What would you call the stylistic omission of punctuation?
The best existing candidates have both been aired. As I said in my comments on Oerlekens, one problem is that ‘the Greeks did not have a word for it’. Indeed, they did not have punctuation at all. Failing the Greeks, the Americans are very good at coining words and phrases. So ‘run-on’ is in origin an American English expression.
But today’s Greeks do have a word for punctuation which might do: stixi (στίξη). It is derived from the ancient word stichos (στιχος), meaning a rank of soldiers. But the word came also to denote musical notation. From that it must have been adopted as the best word for punctuation.
From there, we might be able to construct the literary term Matthew Sbarr is seeking.
To turn it into its negative, you would add the *privative alpha, as in astixia. It might be astixis; or it might be astichism. Either would be a legitimate coinage. Because neither has been used before, so far as I can discover, you have a free choice. I prefer the former.
The trouble with this, however, is that before it can be used, you or someone has to publish an article on the subject and hope some readers run up the flag and salute!
Short of that you are left with ‘run-on’ and ‘stream of consciousness’, neither of which is ideal.
As a last resort, I wonder if ‘the Germans have a word for it’: they often do! In fact, looking up the word unpunctuatedness, I find the word unpunktiertheit.
This, in turn, has led me to discover that critical commentators on Joyce do use the term unpunctuatedness to express the quality of some of his writing. For example, Derek Atridge uses it in Joyce Effects. This refers to the quality of the practice rather than to the practice itself. But there it is.
The first thing that came to mind was James Joyce, and more specifically Ulysses, where he uses a narrative technique called stream of consciousness:
In literary criticism, stream of consciousness is a narrative mode or method that attempts to depict the multitudinous thoughts and feelings which pass through the mind.
As the Wikipedia-article mentions, he didn't invent it and wasn't the first to use it.

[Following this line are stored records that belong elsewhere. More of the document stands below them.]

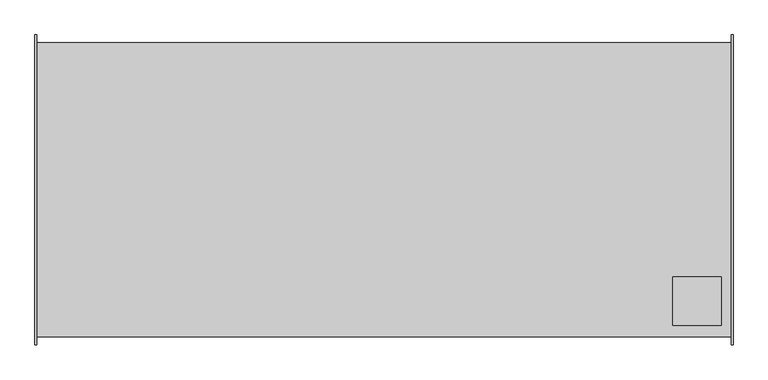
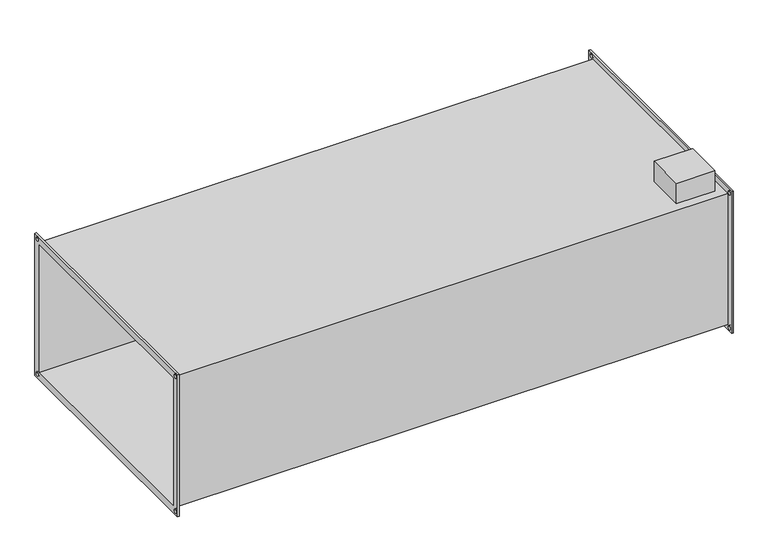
"""IFC4 building model written with IfcOpenShell, lengths in millimetres: proxy geometry."""

from ifc_helpers import new_model, si_unit, frame, origin, place, context, project, spatial, polyline, circle_curve, source, transform, mapped, element, save
from ifc_brep_helpers import plane_surface, revolved_surface, advanced_brep


def mechanical_equipment_26e38f52(model_context):
    return source(origin(), model_context, "Body", "AdvancedBrep", [
        advanced_brep(
        [(716.0, -304.0, 179.0), (-716.0, -304.0, 179.0), (-716.0, -304.0, -179.0), (716.0, -304.0, -179.0), (-716.0, 304.0, -179.0), (716.0, 304.0, -179.0), (-716.0, 304.0, 179.0), (716.0, 304.0, 179.0), (596.0, -180.0, 179.0), (696.0, -180.0, 179.0), (696.0, -280.0, 179.0), (596.0, -280.0, 179.0), (696.0, -180.0, 235.0), (596.0, -180.0, 235.0), (596.0, -280.0, 235.0), (696.0, -280.0, 235.0), (-720.0, -320.0, 195.0), (-720.0, 320.0, 195.0), (-720.0, 320.0, -195.0), (-720.0, -320.0, -195.0), (-720.0, -300.0, 175.0), (-720.0, -300.0, -175.0), (-720.0, 300.0, -175.0), (-720.0, 300.0, 175.0), (-720.0, -315.0, 185.0), (-720.0, -305.0, 185.0), (-720.0, -315.0, -185.0), (-720.0, -305.0, -185.0), (-720.0, 305.0, -185.0), (-720.0, 315.0, -185.0), (-720.0, 305.0, 185.0), (-720.0, 315.0, 185.0), (-716.0, -320.0, 195.0), (-716.0, -320.0, -195.0), (-716.0, 320.0, -195.0), (-716.0, 320.0, 195.0), (-716.0, -305.0, 185.0), (-716.0, -315.0, 185.0), (-716.0, -305.0, -185.0), (-716.0, -315.0, -185.0), (-716.0, 315.0, -185.0), (-716.0, 305.0, -185.0), (-716.0, 315.0, 185.0), (-716.0, 305.0, 185.0), (716.0, 320.0, 195.0), (716.0, 320.0, -195.0), (716.0, -320.0, -195.0), (716.0, -320.0, 195.0), (716.0, -315.0, 185.0), (716.0, -305.0, 185.0), (716.0, -315.0, -185.0), (716.0, -305.0, -185.0), (716.0, 305.0, -185.0), (716.0, 315.0, -185.0), (716.0, 305.0, 185.0), (716.0, 315.0, 185.0), (720.0, 320.0, 195.0), (720.0, -320.0, 195.0), (720.0, -320.0, -195.0), (720.0, 320.0, -195.0), (720.0, 300.0, 175.0), (720.0, 300.0, -175.0), (720.0, -300.0, -175.0), (720.0, -300.0, 175.0), (720.0, -305.0, 185.0), (720.0, -315.0, 185.0), (720.0, -305.0, -185.0), (720.0, -315.0, -185.0), (720.0, 315.0, -185.0), (720.0, 305.0, -185.0), (720.0, 315.0, 185.0), (720.0, 305.0, 185.0)],
        [
            (0, 1),
            (1, 2),
            (2, 3),
            (3, 0),
            (2, 4),
            (4, 5),
            (5, 3),
            (4, 6),
            (6, 7),
            (7, 5),
            (0, 7),
            (6, 1),
            (8, 9),
            (9, 10),
            (10, 11),
            (11, 8),
            (12, 13),
            (13, 14),
            (14, 15),
            (15, 12),
            (12, 9),
            (8, 13),
            (11, 14),
            (10, 15),
            (16, 17),
            (17, 18),
            (18, 19),
            (19, 16),
            (20, 21),
            (21, 22),
            (22, 23),
            (23, 20),
            (24, 25, circle_curve(frame((-720.0, -310.0, 185.0), z_axis=(1.0, 0.0, 0.0), x_axis=(0.0, 1.0, 0.0)), 5.0)),
            (25, 24, circle_curve(frame((-720.0, -310.0, 185.0), z_axis=(1.0, 0.0, 0.0), x_axis=(0.0, 1.0, 0.0)), 5.0)),
            (26, 27, circle_curve(frame((-720.0, -310.0, -185.0), z_axis=(1.0, 0.0, 0.0), x_axis=(0.0, 1.0, 0.0)), 5.0)),
            (27, 26, circle_curve(frame((-720.0, -310.0, -185.0), z_axis=(1.0, 0.0, 0.0), x_axis=(0.0, 1.0, 0.0)), 5.0)),
            (28, 29, circle_curve(frame((-720.0, 310.0, -185.0), z_axis=(1.0, 0.0, 0.0), x_axis=(0.0, 1.0, 0.0)), 5.0)),
            (29, 28, circle_curve(frame((-720.0, 310.0, -185.0), z_axis=(1.0, 0.0, 0.0), x_axis=(0.0, 1.0, 0.0)), 5.0)),
            (30, 31, circle_curve(frame((-720.0, 310.0, 185.0), z_axis=(1.0, 0.0, 0.0), x_axis=(0.0, 1.0, 0.0)), 5.0)),
            (31, 30, circle_curve(frame((-720.0, 310.0, 185.0), z_axis=(1.0, 0.0, 0.0), x_axis=(0.0, 1.0, 0.0)), 5.0)),
            (32, 33),
            (33, 34),
            (34, 35),
            (35, 32),
            (36, 37, circle_curve(frame((-716.0, -310.0, 185.0), z_axis=(-1.0, 0.0, 0.0), x_axis=(0.0, 1.0, 0.0)), 5.0)),
            (37, 36, circle_curve(frame((-716.0, -310.0, 185.0), z_axis=(-1.0, 0.0, 0.0), x_axis=(0.0, 1.0, 0.0)), 5.0)),
            (38, 39, circle_curve(frame((-716.0, -310.0, -185.0), z_axis=(-1.0, 0.0, 0.0), x_axis=(0.0, 1.0, 0.0)), 5.0)),
            (39, 38, circle_curve(frame((-716.0, -310.0, -185.0), z_axis=(-1.0, 0.0, 0.0), x_axis=(0.0, 1.0, 0.0)), 5.0)),
            (40, 41, circle_curve(frame((-716.0, 310.0, -185.0), z_axis=(-1.0, 0.0, 0.0), x_axis=(0.0, 1.0, 0.0)), 5.0)),
            (41, 40, circle_curve(frame((-716.0, 310.0, -185.0), z_axis=(-1.0, 0.0, 0.0), x_axis=(0.0, 1.0, 0.0)), 5.0)),
            (42, 43, circle_curve(frame((-716.0, 310.0, 185.0), z_axis=(-1.0, 0.0, 0.0), x_axis=(0.0, 1.0, 0.0)), 5.0)),
            (43, 42, circle_curve(frame((-716.0, 310.0, 185.0), z_axis=(-1.0, 0.0, 0.0), x_axis=(0.0, 1.0, 0.0)), 5.0)),
            (19, 33),
            (32, 16),
            (18, 34),
            (17, 35),
            (44, 45),
            (45, 46),
            (46, 47),
            (47, 44),
            (48, 49, circle_curve(frame((716.0, -310.0, 185.0), z_axis=(1.0, 0.0, 0.0), x_axis=(0.0, 1.0, 0.0)), 5.0)),
            (49, 48, circle_curve(frame((716.0, -310.0, 185.0), z_axis=(1.0, 0.0, 0.0), x_axis=(0.0, 1.0, 0.0)), 5.0)),
            (50, 51, circle_curve(frame((716.0, -310.0, -185.0), z_axis=(1.0, 0.0, 0.0), x_axis=(0.0, 1.0, 0.0)), 5.0)),
            (51, 50, circle_curve(frame((716.0, -310.0, -185.0), z_axis=(1.0, 0.0, 0.0), x_axis=(0.0, 1.0, 0.0)), 5.0)),
            (52, 53, circle_curve(frame((716.0, 310.0, -185.0), z_axis=(1.0, 0.0, 0.0), x_axis=(0.0, 1.0, 0.0)), 5.0)),
            (53, 52, circle_curve(frame((716.0, 310.0, -185.0), z_axis=(1.0, 0.0, 0.0), x_axis=(0.0, 1.0, 0.0)), 5.0)),
            (54, 55, circle_curve(frame((716.0, 310.0, 185.0), z_axis=(1.0, 0.0, 0.0), x_axis=(0.0, 1.0, 0.0)), 5.0)),
            (55, 54, circle_curve(frame((716.0, 310.0, 185.0), z_axis=(1.0, 0.0, 0.0), x_axis=(0.0, 1.0, 0.0)), 5.0)),
            (56, 57),
            (57, 58),
            (58, 59),
            (59, 56),
            (60, 61),
            (61, 62),
            (62, 63),
            (63, 60),
            (64, 65, circle_curve(frame((720.0, -310.0, 185.0), z_axis=(-1.0, 0.0, 0.0), x_axis=(0.0, 1.0, 0.0)), 5.0)),
            (65, 64, circle_curve(frame((720.0, -310.0, 185.0), z_axis=(-1.0, 0.0, 0.0), x_axis=(0.0, 1.0, 0.0)), 5.0)),
            (66, 67, circle_curve(frame((720.0, -310.0, -185.0), z_axis=(-1.0, 0.0, 0.0), x_axis=(0.0, 1.0, 0.0)), 5.0)),
            (67, 66, circle_curve(frame((720.0, -310.0, -185.0), z_axis=(-1.0, 0.0, 0.0), x_axis=(0.0, 1.0, 0.0)), 5.0)),
            (68, 69, circle_curve(frame((720.0, 310.0, -185.0), z_axis=(-1.0, 0.0, 0.0), x_axis=(0.0, 1.0, 0.0)), 5.0)),
            (69, 68, circle_curve(frame((720.0, 310.0, -185.0), z_axis=(-1.0, 0.0, 0.0), x_axis=(0.0, 1.0, 0.0)), 5.0)),
            (70, 71, circle_curve(frame((720.0, 310.0, 185.0), z_axis=(-1.0, 0.0, 0.0), x_axis=(0.0, 1.0, 0.0)), 5.0)),
            (71, 70, circle_curve(frame((720.0, 310.0, 185.0), z_axis=(-1.0, 0.0, 0.0), x_axis=(0.0, 1.0, 0.0)), 5.0)),
            (47, 57),
            (56, 44),
            (46, 58),
            (45, 59),
            (23, 60),
            (63, 20),
            (22, 61),
            (21, 62),
            (24, 37),
            (36, 25),
            (48, 65),
            (64, 49),
            (26, 39),
            (38, 27),
            (50, 67),
            (66, 51),
            (28, 41),
            (40, 29),
            (52, 69),
            (68, 53),
            (30, 43),
            (42, 31),
            (54, 71),
            (70, 55),
        ],
        [
            plane_surface(frame((716.0, -304.0, 179.0), z_axis=(0.0, -1.0, 0.0), x_axis=(-1.0, 0.0, 0.0))),
            plane_surface(frame((716.0, -304.0, -179.0), z_axis=(0.0, 0.0, -1.0), x_axis=(-1.0, 0.0, 0.0))),
            plane_surface(frame((716.0, 304.0, -179.0), z_axis=(0.0, 1.0, 0.0), x_axis=(-1.0, 0.0, 0.0))),
            plane_surface(frame((716.0, 304.0, 179.0), z_axis=(0.0, 0.0, 1.0), x_axis=(-1.0, 0.0, 0.0))),
            plane_surface(frame((596.0, -180.0, 235.0), z_axis=(0.0, 0.0, 1.0), x_axis=(-1.0, 0.0, 0.0))),
            plane_surface(frame((696.0, -180.0, 235.0), z_axis=(0.0, 1.0, 0.0), x_axis=(0.0, 0.0, -1.0))),
            plane_surface(frame((596.0, -180.0, 235.0), z_axis=(-1.0, 0.0, 0.0), x_axis=(0.0, 0.0, -1.0))),
            plane_surface(frame((596.0, -280.0, 235.0), z_axis=(0.0, -1.0, 0.0), x_axis=(0.0, 0.0, -1.0))),
            plane_surface(frame((696.0, -280.0, 235.0), z_axis=(1.0, 0.0, 0.0), x_axis=(0.0, 0.0, -1.0))),
            plane_surface(frame((-720.0, -320.0, 195.0), z_axis=(-1.0, 0.0, 0.0), x_axis=(0.0, 0.0, 1.0))),
            plane_surface(frame((-716.0, -320.0, 195.0), z_axis=(1.0, 0.0, 0.0), x_axis=(0.0, 0.0, -1.0))),
            plane_surface(frame((-716.0, -320.0, 195.0), z_axis=(0.0, -1.0, 0.0), x_axis=(-1.0, 0.0, 0.0))),
            plane_surface(frame((-716.0, -320.0, -195.0), z_axis=(0.0, 0.0, -1.0), x_axis=(-1.0, 0.0, 0.0))),
            plane_surface(frame((-716.0, 320.0, -195.0), z_axis=(0.0, 1.0, 0.0), x_axis=(-1.0, 0.0, 0.0))),
            plane_surface(frame((-716.0, 320.0, 195.0), z_axis=(0.0, 0.0, 1.0), x_axis=(-1.0, 0.0, 0.0))),
            plane_surface(frame((716.0, 300.0, -175.0), z_axis=(-1.0, 0.0, 0.0), x_axis=(0.0, 0.0, 1.0))),
            plane_surface(frame((720.0, 300.0, -175.0), z_axis=(1.0, 0.0, 0.0), x_axis=(0.0, 0.0, -1.0))),
            plane_surface(frame((720.0, 320.0, 195.0), z_axis=(0.0, 0.0, 1.0), x_axis=(-1.0, 0.0, 0.0))),
            plane_surface(frame((720.0, -320.0, 195.0), z_axis=(0.0, -1.0, 0.0), x_axis=(-1.0, 0.0, 0.0))),
            plane_surface(frame((720.0, -320.0, -195.0), z_axis=(0.0, 0.0, -1.0), x_axis=(-1.0, 0.0, 0.0))),
            plane_surface(frame((720.0, 320.0, -195.0), z_axis=(0.0, 1.0, 0.0), x_axis=(-1.0, 0.0, 0.0))),
            plane_surface(frame((-716.0, -300.0, 175.0), z_axis=(0.0, 0.0, -1.0), x_axis=(-1.0, 0.0, 0.0))),
            plane_surface(frame((-716.0, 300.0, 175.0), z_axis=(0.0, -1.0, 0.0), x_axis=(-1.0, 0.0, 0.0))),
            plane_surface(frame((-716.0, 300.0, -175.0), z_axis=(0.0, 0.0, 1.0), x_axis=(-1.0, 0.0, 0.0))),
            plane_surface(frame((-716.0, -300.0, -175.0), z_axis=(0.0, 1.0, 0.0), x_axis=(-1.0, 0.0, 0.0))),
            revolved_surface(polyline([(-716.0, -305.0, 185.0), (-720.0, -305.0, 185.0)]), (-720.0, -310.0, 185.0), (1.0, 0.0, 0.0)),
            revolved_surface(polyline([(720.0, -305.0, 185.0), (716.0, -305.0, 185.0)]), (-720.0, -310.0, 185.0), (1.0, 0.0, 0.0)),
            revolved_surface(polyline([(-716.0, -305.0, -185.0), (-720.0, -305.0, -185.0)]), (0.0, -310.0, -185.0), (1.0, 0.0, 0.0)),
            revolved_surface(polyline([(720.0, -305.0, -185.0), (716.0, -305.0, -185.0)]), (0.0, -310.0, -185.0), (1.0, 0.0, 0.0)),
            revolved_surface(polyline([(-716.0, 315.0, -185.0), (-720.0, 315.0, -185.0)]), (0.0, 310.0, -185.0), (1.0, 0.0, 0.0)),
            revolved_surface(polyline([(720.0, 315.0, -185.0), (716.0, 315.0, -185.0)]), (0.0, 310.0, -185.0), (1.0, 0.0, 0.0)),
            revolved_surface(polyline([(-716.0, 315.0, 185.0), (-720.0, 315.0, 185.0)]), (0.0, 310.0, 185.0), (1.0, 0.0, 0.0)),
            revolved_surface(polyline([(720.0, 315.0, 185.0), (716.0, 315.0, 185.0)]), (0.0, 310.0, 185.0), (1.0, 0.0, 0.0)),
        ],
        [
            (0, [[1, 2, 3, 4]]),
            (1, [[-3, 5, 6, 7]]),
            (2, [[-6, 8, 9, 10]]),
            (3, [[-1, 11, -9, 12], [13, 14, 15, 16]]),
            (4, [[17, 18, 19, 20]]),
            (5, [[-17, 21, -13, 22]]),
            (6, [[-18, -22, -16, 23]]),
            (7, [[-19, -23, -15, 24]]),
            (8, [[-20, -24, -14, -21]]),
            (9, [[25, 26, 27, 28], [29, 30, 31, 32], [33, 34], [35, 36], [37, 38], [39, 40]]),
            (10, [[41, 42, 43, 44], [-2, -12, -8, -5], [45, 46], [47, 48], [49, 50], [51, 52]]),
            (11, [[-28, 53, -41, 54]]),
            (12, [[-27, 55, -42, -53]]),
            (13, [[-26, 56, -43, -55]]),
            (14, [[-25, -54, -44, -56]]),
            (15, [[57, 58, 59, 60], [-4, -7, -10, -11], [61, 62], [63, 64], [65, 66], [67, 68]]),
            (16, [[69, 70, 71, 72], [73, 74, 75, 76], [77, 78], [79, 80], [81, 82], [83, 84]]),
            (17, [[-60, 85, -69, 86]]),
            (18, [[-59, 87, -70, -85]]),
            (19, [[-58, 88, -71, -87]]),
            (20, [[-57, -86, -72, -88]]),
            (21, [[-32, 89, -76, 90]]),
            (22, [[-31, 91, -73, -89]]),
            (23, [[-30, 92, -74, -91]]),
            (24, [[-29, -90, -75, -92]]),
            (25, [[93, -45, 94, -33]]),
            (26, [[95, -77, 96, -61]]),
            (25, [[-93, -34, -94, -46]]),
            (26, [[-95, -62, -96, -78]]),
            (27, [[97, -47, 98, -35]]),
            (28, [[99, -79, 100, -63]]),
            (27, [[-97, -36, -98, -48]]),
            (28, [[-99, -64, -100, -80]]),
            (29, [[101, -49, 102, -37]]),
            (30, [[103, -81, 104, -65]]),
            (29, [[-101, -38, -102, -50]]),
            (30, [[-103, -66, -104, -82]]),
            (31, [[105, -51, 106, -39]]),
            (32, [[107, -83, 108, -67]]),
            (31, [[-105, -40, -106, -52]]),
            (32, [[-107, -68, -108, -84]]),
        ],
    ),
    ])


if __name__ == "__main__":
    model = new_model("IFC4")
    model_context = context("Model", 3, world=origin())
    ifc_project = project(units=[si_unit("LENGTHUNIT", "METRE", prefix="MILLI")], contexts=[model_context])
    site = spatial("IfcSite", under=ifc_project)
    building = spatial("IfcBuilding", under=site)
    placement = place(None, origin())
    mechanical_equipment_shape = mechanical_equipment_26e38f52(model_context)
    element("IfcBuildingElementProxy", 1, Name="Mechanical Equipment", at=placement, inside=building, context=model_context, shape_type="MappedRepresentation", body=[
        mapped(mechanical_equipment_shape, transform((0.0, 0.0, 0.0), x_axis=(1.0, 0.0, 0.0), y_axis=(0.0, 1.0, 0.0), z_axis=(0.0, 0.0, 1.0))),
    ])
    save(model, "model.ifc")

Note that not all punctuation is excluded, as can be seen in this sample that is also quoted on Wikipedia:
a quarter after what an unearthly hour I suppose theyre just getting up in China now combing out their pigtails for the day well soon have the nuns ringing the angelus theyve nobody coming in to spoil their sleep except an odd priest or two for his night office the alarmlock next door at cockshout clattering the brains out of itself let me see if I can doze off 1 2 3 4 5 what kind of flowers are those they invented like the stars the wallpaper in Lombard street was much nicer the apron he gave me was like that something only I only wore it twice better lower this lamp and try again so that I can get up early
Proper names are still capitalised, and the space is not omitted.